Work item:
Consider the records below. How many of their lines include the word "bspline"? State the number and nothing else.
---------------
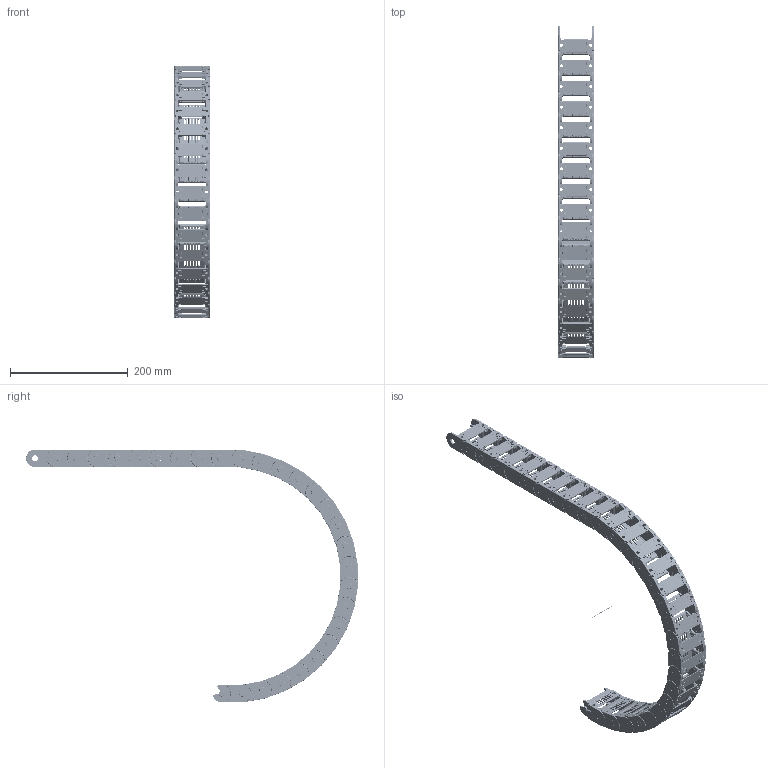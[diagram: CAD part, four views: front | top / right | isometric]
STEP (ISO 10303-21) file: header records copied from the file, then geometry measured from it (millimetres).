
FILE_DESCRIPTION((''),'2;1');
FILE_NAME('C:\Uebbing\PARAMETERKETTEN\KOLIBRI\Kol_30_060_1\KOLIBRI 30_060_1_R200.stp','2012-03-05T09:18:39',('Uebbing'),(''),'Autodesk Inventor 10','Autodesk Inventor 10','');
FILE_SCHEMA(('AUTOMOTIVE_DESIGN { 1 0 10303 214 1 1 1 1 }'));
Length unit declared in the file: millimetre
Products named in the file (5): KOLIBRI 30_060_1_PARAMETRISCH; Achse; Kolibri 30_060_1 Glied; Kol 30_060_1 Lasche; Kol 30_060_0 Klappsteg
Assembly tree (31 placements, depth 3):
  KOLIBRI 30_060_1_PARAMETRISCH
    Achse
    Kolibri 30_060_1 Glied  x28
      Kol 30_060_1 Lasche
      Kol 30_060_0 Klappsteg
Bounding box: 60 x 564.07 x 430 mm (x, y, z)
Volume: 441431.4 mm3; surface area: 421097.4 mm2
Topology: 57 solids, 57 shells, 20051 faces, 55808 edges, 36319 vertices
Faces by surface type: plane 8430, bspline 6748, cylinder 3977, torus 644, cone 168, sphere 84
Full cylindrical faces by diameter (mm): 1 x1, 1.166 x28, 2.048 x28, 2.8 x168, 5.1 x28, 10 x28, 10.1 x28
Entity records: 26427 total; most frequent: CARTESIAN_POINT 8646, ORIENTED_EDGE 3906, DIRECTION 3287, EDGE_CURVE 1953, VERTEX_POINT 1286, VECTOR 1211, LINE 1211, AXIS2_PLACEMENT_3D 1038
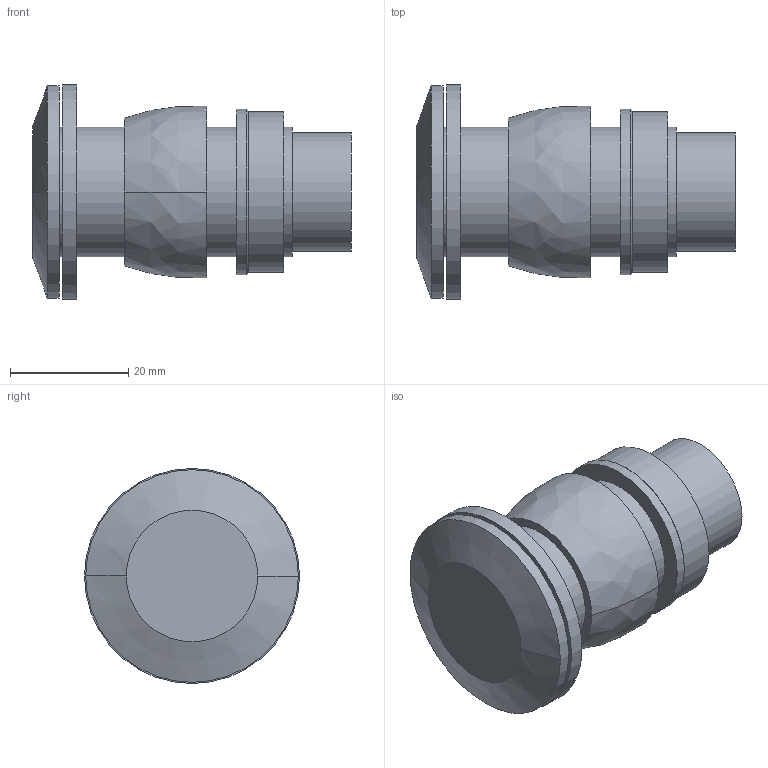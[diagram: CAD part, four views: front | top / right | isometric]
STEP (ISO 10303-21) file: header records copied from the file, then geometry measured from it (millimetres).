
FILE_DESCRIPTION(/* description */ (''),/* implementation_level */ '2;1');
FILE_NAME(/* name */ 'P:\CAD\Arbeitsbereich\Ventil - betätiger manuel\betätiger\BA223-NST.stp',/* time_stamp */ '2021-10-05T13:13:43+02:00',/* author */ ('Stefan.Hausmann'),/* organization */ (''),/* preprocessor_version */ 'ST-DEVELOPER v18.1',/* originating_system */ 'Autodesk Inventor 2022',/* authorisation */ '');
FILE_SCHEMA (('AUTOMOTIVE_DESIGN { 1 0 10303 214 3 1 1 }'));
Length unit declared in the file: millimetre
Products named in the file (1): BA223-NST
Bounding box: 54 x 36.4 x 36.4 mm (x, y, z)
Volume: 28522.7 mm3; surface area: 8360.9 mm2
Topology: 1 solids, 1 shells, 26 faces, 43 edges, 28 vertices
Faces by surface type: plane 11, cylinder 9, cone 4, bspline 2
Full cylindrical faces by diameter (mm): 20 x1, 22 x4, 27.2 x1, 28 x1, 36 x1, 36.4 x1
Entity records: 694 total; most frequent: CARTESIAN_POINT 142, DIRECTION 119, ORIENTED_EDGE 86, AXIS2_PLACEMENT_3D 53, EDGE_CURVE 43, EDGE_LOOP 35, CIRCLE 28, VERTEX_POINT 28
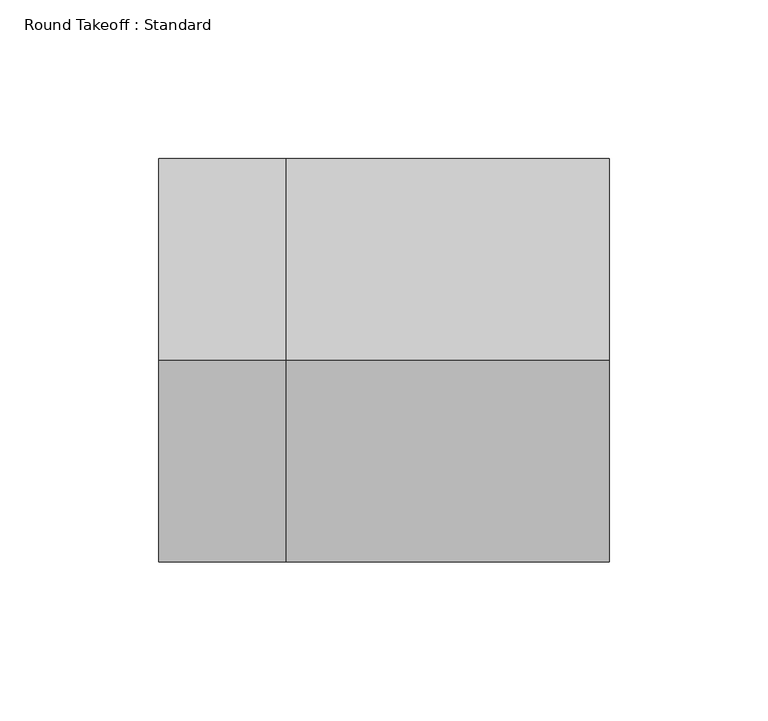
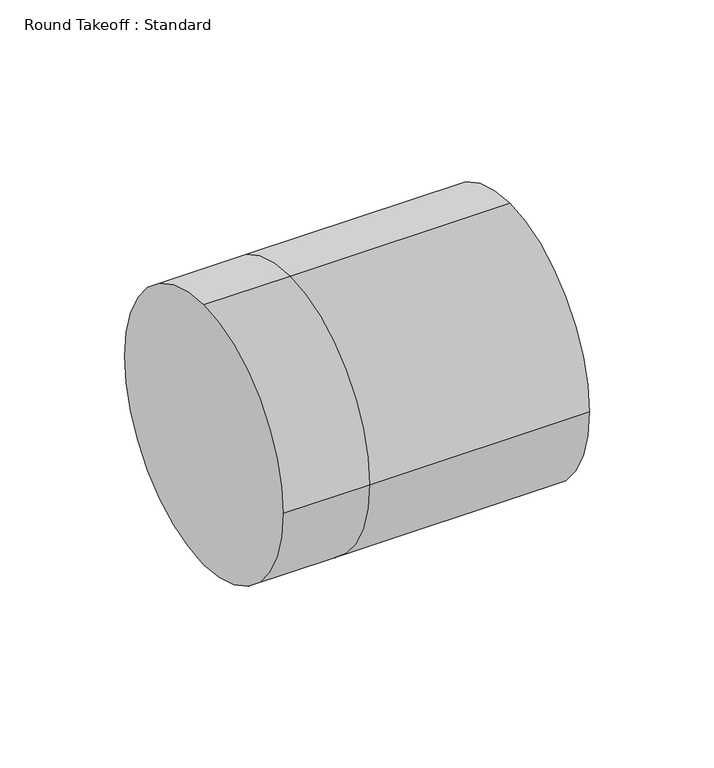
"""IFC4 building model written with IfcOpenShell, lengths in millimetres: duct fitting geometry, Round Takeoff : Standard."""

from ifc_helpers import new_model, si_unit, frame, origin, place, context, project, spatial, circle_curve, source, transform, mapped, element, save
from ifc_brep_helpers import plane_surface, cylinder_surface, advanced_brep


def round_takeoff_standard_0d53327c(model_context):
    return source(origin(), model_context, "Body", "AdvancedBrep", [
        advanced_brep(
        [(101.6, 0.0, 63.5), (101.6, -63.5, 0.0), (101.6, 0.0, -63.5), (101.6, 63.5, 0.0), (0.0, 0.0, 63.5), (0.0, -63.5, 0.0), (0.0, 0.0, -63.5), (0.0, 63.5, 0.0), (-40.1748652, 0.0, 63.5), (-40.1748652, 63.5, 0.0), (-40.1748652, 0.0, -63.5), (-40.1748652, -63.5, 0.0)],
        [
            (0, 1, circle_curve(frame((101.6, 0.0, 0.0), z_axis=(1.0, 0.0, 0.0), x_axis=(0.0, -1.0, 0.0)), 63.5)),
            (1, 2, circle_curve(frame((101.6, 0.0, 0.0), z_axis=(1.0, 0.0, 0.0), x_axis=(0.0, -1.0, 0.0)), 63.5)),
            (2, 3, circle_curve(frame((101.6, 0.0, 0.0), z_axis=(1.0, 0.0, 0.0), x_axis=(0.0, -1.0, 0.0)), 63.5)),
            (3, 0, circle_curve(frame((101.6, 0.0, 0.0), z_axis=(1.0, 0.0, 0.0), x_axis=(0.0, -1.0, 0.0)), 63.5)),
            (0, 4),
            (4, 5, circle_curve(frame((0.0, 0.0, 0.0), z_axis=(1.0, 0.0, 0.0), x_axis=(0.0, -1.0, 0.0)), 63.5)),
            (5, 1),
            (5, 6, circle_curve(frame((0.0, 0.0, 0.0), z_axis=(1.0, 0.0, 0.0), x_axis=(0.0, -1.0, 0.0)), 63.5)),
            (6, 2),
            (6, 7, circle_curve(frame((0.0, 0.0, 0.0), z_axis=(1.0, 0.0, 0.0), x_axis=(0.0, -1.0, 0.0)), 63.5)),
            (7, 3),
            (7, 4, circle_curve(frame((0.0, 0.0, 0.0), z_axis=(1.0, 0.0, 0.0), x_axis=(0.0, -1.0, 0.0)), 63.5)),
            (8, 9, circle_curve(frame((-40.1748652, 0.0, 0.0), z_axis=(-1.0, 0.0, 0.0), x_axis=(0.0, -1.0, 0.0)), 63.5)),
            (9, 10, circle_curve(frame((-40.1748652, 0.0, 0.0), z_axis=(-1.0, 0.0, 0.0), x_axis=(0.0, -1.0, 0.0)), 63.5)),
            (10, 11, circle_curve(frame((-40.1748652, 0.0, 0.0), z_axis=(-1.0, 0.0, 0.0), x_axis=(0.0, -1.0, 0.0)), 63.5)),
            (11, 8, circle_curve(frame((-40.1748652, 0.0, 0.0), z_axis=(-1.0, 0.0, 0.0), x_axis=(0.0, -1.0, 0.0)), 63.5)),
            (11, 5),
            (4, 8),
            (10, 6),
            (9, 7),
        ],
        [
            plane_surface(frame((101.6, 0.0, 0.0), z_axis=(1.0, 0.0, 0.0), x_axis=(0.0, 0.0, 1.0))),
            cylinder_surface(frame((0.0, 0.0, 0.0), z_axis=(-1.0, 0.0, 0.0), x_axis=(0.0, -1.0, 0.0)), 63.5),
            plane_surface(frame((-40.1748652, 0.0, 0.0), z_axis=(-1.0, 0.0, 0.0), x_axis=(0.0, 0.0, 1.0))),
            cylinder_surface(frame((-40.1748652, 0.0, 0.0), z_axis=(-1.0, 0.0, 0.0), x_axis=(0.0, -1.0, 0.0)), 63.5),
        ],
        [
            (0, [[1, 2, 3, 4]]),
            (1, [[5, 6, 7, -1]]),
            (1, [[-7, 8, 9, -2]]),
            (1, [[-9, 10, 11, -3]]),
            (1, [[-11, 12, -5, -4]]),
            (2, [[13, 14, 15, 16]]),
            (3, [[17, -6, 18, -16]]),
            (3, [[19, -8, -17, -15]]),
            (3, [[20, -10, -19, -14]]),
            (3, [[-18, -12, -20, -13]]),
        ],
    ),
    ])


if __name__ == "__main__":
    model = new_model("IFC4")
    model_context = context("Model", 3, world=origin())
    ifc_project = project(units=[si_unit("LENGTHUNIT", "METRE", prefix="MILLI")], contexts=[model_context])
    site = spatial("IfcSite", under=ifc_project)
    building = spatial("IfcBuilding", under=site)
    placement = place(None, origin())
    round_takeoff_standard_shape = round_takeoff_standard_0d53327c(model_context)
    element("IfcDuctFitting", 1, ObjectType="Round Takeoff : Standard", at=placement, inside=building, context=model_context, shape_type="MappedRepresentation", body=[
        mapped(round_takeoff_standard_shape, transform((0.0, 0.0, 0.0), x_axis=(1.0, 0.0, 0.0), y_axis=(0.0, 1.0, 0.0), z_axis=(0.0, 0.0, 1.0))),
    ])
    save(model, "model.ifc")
---------------
Response:
2